You can use this connector for a 30-day trial period without a license key.

After 30 days, this connector is available under a Confluent enterprise license. Confluent issues Confluent enterprise license keys to subscribers, along with providing enterprise-level support for Confluent Platform and your connectors. If you are a subscriber, please contact Confluent Support at support@confluent.io for more information.

See Confluent Platform license for license properties and Confluent License Properties for information about the license topic.

Limitations

The Firebase Source Connector has the following limitation:

  • Unable to trace changes in data-reference when offline: When the connector is not running, the records which are added or updated (multiple times) from the data reference will not get captured after connector restarts. A complete snapshot is taken each time the connector restarts, when the configuration gcp.firebase.snapshot is set to true. This may lead to the connector writing duplicate records to the Kafka topic.

Configuration Properties

For a complete list of configuration properties for the source connector, see Google Firebase Source Connector Configuration Properties.

Note

For an example of how to get Kafka Connect connected to Confluent Cloud, see Distributed Cluster.

Quick Start

In this Quick Start, you configure the Firebase Source connector to capture records from a Firebase database and write them to a Kafka topic.

Start Confluent

Start the Confluent services using the following Confluent CLI command:

confluent local services start

Important

Do not use the Confluent CLI in production environments.

Property-based example

Create a configuration file firebase-source.properties with the following content. This file should be placed inside the Confluent Platform installation directory. This configuration is used typically along with standalone workers.

name=FirebaseSourceConnector

connector.class=io.confluent.connect.firebase.FirebaseSourceConnector
tasks.max=1

gcp.firebase.credentials.path=file-path-to-your-gcp-service-account-json-file
gcp.firebase.database.reference=https://<gcp-project-id>.firebaseio.com
gcp.firebase.snapshot=true

confluent.topic.bootstrap.servers=localhost:9092
confluent.topic.replication.factor=1
confluent.license=

Run the connector with this configuration.

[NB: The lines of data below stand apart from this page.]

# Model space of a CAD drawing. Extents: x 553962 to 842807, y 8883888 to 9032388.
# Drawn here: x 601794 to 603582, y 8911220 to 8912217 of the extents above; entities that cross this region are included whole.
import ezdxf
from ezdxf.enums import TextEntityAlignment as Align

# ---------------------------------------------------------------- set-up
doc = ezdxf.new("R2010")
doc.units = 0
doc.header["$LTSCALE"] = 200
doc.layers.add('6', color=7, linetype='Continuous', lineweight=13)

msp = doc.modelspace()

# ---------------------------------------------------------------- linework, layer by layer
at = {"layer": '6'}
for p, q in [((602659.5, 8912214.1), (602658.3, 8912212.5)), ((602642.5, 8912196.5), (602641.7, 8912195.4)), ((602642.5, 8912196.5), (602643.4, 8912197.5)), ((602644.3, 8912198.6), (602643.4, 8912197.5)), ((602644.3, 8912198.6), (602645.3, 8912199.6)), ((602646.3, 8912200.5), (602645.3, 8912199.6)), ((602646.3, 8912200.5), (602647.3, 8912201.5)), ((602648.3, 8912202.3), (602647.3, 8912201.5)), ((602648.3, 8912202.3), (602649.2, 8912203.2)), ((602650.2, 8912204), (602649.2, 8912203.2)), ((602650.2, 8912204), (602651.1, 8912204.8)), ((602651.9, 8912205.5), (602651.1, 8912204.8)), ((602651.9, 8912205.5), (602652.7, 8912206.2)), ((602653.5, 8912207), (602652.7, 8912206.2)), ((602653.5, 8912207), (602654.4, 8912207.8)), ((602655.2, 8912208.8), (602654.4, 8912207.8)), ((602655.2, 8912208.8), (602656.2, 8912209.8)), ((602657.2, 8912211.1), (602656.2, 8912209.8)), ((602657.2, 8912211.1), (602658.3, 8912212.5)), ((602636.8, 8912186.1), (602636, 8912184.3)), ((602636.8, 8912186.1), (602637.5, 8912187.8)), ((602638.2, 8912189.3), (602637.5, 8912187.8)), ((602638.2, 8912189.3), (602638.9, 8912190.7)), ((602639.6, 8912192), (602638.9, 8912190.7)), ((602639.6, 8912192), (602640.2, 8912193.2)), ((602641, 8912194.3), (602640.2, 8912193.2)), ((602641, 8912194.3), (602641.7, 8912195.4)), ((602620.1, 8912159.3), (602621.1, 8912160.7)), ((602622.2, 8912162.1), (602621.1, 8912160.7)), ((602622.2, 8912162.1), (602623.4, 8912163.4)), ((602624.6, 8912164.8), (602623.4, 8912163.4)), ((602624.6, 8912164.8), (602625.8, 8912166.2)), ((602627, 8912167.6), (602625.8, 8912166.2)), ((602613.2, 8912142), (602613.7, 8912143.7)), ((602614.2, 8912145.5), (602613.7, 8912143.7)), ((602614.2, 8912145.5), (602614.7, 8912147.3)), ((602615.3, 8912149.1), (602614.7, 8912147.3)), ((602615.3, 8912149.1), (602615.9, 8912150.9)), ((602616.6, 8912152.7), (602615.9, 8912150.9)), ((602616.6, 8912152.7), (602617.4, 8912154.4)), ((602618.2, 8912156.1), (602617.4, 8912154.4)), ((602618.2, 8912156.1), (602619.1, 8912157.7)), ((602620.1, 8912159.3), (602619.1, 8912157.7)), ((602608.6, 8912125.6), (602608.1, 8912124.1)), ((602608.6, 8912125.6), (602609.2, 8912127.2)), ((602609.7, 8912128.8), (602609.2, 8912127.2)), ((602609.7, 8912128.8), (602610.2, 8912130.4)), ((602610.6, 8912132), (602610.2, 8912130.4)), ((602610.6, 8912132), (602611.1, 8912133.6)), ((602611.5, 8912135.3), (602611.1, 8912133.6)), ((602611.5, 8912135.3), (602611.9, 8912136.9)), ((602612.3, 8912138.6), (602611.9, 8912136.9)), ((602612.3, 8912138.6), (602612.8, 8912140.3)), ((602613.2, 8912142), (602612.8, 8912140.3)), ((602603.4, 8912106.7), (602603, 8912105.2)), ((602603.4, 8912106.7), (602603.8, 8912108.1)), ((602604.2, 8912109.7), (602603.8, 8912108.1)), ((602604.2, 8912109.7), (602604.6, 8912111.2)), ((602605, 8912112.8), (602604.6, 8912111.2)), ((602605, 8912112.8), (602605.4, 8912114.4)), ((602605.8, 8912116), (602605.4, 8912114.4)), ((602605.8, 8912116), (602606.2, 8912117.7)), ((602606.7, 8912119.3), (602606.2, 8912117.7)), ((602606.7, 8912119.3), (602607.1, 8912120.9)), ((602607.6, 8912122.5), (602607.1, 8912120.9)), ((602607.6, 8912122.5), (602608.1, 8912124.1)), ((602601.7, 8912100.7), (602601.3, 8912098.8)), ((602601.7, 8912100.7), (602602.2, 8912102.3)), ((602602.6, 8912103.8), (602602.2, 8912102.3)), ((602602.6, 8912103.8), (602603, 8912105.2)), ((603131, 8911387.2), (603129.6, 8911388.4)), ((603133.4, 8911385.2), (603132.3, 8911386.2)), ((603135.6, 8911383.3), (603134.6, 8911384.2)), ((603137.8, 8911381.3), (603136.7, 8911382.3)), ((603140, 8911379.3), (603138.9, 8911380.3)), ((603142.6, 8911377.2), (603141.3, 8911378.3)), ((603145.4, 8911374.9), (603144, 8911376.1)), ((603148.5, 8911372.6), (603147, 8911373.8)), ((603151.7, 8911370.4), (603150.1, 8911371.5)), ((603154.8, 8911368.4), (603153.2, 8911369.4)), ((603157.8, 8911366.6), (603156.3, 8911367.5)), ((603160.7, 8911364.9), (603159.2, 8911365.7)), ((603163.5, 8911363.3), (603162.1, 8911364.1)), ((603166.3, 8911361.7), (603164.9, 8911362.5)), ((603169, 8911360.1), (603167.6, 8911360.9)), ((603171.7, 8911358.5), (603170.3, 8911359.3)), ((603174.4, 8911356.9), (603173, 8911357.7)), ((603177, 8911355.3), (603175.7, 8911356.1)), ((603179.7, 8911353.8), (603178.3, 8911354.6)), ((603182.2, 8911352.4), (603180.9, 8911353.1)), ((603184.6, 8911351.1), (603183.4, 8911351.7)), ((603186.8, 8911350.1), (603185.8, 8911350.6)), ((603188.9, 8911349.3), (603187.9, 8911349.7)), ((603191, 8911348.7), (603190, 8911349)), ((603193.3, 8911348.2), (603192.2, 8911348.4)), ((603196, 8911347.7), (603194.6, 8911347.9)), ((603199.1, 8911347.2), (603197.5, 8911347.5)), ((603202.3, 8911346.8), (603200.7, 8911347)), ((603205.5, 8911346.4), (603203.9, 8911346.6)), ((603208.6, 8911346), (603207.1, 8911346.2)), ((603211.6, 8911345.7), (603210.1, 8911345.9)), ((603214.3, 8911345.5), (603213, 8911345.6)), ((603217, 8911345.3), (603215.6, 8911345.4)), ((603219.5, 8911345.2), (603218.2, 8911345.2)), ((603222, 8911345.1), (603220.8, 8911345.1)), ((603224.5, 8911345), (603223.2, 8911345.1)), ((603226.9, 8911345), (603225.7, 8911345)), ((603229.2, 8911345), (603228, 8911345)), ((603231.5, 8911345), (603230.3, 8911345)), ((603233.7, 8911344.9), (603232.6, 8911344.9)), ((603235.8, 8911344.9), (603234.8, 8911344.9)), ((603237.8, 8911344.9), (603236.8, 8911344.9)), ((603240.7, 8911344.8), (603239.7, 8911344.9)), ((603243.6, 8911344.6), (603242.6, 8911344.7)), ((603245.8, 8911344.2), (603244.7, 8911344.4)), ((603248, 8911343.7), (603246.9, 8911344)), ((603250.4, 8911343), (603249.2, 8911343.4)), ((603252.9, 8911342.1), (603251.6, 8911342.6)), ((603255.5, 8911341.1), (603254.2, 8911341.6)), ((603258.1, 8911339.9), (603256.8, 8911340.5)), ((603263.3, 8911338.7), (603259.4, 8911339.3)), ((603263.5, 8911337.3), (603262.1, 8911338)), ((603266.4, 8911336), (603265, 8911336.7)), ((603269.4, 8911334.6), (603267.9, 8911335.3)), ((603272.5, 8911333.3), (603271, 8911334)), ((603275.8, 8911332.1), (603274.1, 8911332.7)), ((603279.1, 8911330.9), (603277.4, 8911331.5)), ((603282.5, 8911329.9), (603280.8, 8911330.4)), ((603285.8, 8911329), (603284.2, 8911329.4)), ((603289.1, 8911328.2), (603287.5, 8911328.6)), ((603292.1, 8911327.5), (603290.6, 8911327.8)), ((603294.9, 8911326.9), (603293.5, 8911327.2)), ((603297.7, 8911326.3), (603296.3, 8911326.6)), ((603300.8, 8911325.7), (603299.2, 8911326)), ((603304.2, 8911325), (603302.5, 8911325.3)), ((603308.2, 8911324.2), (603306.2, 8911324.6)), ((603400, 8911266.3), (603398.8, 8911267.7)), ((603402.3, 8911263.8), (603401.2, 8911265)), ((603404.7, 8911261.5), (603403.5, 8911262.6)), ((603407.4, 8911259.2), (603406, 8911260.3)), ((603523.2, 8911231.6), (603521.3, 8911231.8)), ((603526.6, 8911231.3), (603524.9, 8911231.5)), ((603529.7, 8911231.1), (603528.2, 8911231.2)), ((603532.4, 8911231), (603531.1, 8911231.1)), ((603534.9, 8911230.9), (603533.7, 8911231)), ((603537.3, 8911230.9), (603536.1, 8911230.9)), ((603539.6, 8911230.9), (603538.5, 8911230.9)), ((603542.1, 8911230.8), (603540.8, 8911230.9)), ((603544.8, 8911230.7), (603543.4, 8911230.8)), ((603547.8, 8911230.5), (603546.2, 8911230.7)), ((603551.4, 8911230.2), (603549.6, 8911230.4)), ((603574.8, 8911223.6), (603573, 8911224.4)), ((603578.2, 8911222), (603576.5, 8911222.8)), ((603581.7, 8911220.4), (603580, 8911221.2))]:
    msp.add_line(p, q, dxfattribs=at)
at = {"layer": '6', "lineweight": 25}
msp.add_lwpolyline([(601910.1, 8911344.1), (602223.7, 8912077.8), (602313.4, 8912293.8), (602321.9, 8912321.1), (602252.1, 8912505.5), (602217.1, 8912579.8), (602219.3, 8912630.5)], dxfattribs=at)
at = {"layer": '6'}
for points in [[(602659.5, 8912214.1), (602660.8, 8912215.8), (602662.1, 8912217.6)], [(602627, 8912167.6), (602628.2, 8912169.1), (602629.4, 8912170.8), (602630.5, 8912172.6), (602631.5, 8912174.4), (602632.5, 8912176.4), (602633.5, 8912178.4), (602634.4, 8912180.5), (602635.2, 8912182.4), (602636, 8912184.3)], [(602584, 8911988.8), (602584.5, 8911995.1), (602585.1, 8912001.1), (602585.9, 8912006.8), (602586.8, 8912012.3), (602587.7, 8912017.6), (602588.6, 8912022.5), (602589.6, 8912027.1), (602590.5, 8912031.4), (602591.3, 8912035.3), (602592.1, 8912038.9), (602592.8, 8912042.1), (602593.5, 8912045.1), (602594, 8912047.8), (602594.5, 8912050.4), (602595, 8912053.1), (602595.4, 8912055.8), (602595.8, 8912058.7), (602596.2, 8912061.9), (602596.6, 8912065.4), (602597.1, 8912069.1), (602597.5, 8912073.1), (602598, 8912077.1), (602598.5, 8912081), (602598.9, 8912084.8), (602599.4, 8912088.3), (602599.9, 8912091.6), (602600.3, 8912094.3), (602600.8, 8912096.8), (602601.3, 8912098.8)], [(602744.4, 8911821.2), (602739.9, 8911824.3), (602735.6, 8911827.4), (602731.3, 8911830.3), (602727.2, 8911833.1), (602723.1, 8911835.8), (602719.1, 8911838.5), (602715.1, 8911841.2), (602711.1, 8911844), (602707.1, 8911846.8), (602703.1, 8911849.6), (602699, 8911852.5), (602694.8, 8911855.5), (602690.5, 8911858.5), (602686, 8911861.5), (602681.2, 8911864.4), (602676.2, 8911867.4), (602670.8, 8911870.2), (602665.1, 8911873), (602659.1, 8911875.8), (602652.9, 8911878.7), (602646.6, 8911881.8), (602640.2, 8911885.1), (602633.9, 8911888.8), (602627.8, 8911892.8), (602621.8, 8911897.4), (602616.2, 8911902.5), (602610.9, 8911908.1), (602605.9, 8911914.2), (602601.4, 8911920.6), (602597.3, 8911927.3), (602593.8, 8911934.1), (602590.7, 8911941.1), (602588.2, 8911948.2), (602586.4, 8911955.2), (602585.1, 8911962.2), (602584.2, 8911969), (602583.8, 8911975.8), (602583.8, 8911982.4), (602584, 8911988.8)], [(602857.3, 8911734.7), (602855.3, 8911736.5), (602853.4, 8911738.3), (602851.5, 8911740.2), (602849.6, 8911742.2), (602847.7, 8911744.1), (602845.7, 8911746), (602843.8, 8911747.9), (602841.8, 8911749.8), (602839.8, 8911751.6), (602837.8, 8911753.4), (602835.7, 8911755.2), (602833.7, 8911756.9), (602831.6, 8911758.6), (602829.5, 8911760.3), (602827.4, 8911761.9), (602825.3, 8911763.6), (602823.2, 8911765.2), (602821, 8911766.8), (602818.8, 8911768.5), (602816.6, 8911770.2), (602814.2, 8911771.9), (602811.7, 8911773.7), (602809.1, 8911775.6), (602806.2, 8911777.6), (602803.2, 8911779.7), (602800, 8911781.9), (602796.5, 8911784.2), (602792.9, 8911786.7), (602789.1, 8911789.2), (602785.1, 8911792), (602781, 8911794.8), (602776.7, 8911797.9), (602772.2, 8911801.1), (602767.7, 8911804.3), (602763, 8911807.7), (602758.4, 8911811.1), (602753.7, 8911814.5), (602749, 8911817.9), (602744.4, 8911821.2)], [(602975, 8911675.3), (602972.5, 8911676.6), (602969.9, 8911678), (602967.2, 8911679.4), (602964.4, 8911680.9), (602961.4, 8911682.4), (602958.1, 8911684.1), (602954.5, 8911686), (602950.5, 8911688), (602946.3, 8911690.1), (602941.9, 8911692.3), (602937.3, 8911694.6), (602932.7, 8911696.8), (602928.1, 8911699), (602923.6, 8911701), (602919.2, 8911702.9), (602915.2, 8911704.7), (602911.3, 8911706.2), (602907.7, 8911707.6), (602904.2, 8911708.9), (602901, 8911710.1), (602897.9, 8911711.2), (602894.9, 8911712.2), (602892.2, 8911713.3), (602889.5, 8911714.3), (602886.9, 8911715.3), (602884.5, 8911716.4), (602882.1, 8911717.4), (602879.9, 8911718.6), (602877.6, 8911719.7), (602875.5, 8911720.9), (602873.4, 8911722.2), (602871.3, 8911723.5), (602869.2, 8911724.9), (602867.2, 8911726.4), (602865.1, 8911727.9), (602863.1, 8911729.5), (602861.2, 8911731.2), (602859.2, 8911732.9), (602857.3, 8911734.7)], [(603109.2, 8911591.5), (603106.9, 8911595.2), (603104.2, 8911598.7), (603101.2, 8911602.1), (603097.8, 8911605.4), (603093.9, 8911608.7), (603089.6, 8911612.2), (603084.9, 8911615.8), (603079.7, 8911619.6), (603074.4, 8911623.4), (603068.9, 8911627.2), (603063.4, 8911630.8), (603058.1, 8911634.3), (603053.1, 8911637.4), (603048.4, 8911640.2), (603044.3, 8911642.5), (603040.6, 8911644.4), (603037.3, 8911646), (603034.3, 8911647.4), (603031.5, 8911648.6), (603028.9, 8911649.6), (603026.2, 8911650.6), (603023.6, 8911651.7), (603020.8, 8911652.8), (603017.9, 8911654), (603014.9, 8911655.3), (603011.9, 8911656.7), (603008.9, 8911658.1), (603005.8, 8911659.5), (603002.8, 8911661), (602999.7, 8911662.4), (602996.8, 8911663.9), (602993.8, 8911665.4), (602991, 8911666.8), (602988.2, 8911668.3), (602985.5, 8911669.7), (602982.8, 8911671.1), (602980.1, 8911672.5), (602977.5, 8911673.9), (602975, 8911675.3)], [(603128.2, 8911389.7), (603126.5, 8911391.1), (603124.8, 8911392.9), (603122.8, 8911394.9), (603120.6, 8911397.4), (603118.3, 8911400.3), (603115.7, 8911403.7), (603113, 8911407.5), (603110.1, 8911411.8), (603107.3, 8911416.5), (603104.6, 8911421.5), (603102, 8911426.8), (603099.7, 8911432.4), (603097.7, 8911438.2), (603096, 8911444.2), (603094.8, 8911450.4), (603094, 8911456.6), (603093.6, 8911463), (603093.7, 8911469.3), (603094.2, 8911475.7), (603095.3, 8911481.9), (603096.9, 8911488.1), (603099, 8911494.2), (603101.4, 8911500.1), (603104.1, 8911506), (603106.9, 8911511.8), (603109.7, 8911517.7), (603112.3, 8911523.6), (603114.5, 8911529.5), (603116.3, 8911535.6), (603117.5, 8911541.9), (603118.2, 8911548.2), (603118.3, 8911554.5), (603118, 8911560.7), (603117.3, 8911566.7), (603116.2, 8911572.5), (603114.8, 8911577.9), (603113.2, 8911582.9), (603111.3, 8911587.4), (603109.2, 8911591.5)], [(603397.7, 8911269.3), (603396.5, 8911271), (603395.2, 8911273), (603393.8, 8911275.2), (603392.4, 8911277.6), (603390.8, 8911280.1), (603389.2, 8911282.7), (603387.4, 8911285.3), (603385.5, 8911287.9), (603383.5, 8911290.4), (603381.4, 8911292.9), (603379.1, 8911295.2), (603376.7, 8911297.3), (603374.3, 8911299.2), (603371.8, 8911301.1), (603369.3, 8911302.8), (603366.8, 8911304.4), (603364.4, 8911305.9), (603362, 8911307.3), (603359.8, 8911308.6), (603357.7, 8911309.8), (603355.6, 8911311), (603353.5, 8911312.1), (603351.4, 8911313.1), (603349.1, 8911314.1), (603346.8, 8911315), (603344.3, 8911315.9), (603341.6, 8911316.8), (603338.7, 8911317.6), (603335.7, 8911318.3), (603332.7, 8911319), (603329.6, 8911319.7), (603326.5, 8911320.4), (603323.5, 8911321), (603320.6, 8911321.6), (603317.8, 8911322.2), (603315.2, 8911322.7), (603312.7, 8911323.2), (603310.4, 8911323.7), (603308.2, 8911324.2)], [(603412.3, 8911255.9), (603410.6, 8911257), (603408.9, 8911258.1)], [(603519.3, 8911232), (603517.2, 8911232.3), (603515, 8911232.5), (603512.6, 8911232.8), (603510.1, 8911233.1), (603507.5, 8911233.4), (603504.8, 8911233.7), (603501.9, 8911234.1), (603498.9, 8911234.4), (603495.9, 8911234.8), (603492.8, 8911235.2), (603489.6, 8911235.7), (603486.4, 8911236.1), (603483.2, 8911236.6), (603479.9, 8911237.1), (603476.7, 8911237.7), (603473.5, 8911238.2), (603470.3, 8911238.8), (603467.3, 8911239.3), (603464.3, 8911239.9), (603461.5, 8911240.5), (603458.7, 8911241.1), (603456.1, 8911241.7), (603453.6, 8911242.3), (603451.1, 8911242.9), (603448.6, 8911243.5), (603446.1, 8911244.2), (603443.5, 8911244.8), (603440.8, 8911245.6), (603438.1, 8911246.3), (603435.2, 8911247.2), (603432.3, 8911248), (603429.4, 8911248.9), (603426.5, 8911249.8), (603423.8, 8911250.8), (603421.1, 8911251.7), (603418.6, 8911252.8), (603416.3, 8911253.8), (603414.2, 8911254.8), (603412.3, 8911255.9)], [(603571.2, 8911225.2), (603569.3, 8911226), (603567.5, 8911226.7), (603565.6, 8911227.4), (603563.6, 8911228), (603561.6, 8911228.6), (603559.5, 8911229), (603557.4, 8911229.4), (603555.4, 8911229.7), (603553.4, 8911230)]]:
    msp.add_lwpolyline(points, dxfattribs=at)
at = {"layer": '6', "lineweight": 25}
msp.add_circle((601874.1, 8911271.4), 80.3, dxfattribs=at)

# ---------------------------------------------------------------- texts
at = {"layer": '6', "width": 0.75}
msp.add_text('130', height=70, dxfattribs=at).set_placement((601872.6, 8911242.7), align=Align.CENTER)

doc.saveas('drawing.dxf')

confluent local services connect connector load FirebaseSourceConnector --config firebase-source.properties

The output should resemble:

{
    "name":"FirebaseSourceConnector",
    "config":{
        "tasks.max":"1",
        "connector.class":"io.confluent.connect.firebase.FirebaseSourceConnector",
        "gcp.firebase.credentials.path":"file-path-to-your-gcp-service-account-json-file",
        "gcp.firebase.database.reference":"https://<gcp-project-id>.firebaseio.com",
        "gcp.firebase.snapshot":"true",
        "confluent.topic.bootstrap.servers":"localhost:9092",
        "confluent.topic.replication.factor":"1",
         "name":"FirebaseSourceConnector"
     },
    "tasks":[
        {
            "connector":"FirebaseSourceConnector",
            "task":0
        }
    ],
    "type":"source"
}

Confirm that the connector is in a RUNNING state by running the following command:

confluent local services connect connector status FirebaseSourceConnector

The output should resemble:

{
   "name":"FirebaseSourceConnector",
   "connector":{
      "state":"RUNNING",
      "worker_id":"127.0.1.1:8083"
   },
   "tasks":[
      {
         "id":0,
         "state":"RUNNING",
         "worker_id":"127.0.1.1:8083"
      }
   ],
   "type":"source"
}

REST-based example

Use this setting with distributed workers. Write the following JSON to config.json, configure all of the required values, and use the following command to post the configuration to one of the distributed connect workers. For more information about the Kafka Connect REST API, see this documentation.

{
  "name" : "FirebaseSourceConnector",
  "config" : {
    "connector.class" : "io.confluent.connect.firebase.FirebaseSourceConnector",
    "tasks.max" : "1",

    "gcp.firebase.credentials.path" : "file-path-to-your-gcp-service-account-json-file",
    "gcp.firebase.database.reference": "https://<gcp-project-id>.firebaseio.com",
    "gcp.firebase.snapshot" : "true",

    "confluent.topic.bootstrap.servers": "localhost:9092",
    "confluent.topic.replication.factor": "1",
    "confluent.license": " Omit to enable trial mode "
  }
}

Note

Change the confluent.topic.bootstrap.servers property to include your broker address(es), and change the confluent.topic.replication.factor to 3 for staging or production use.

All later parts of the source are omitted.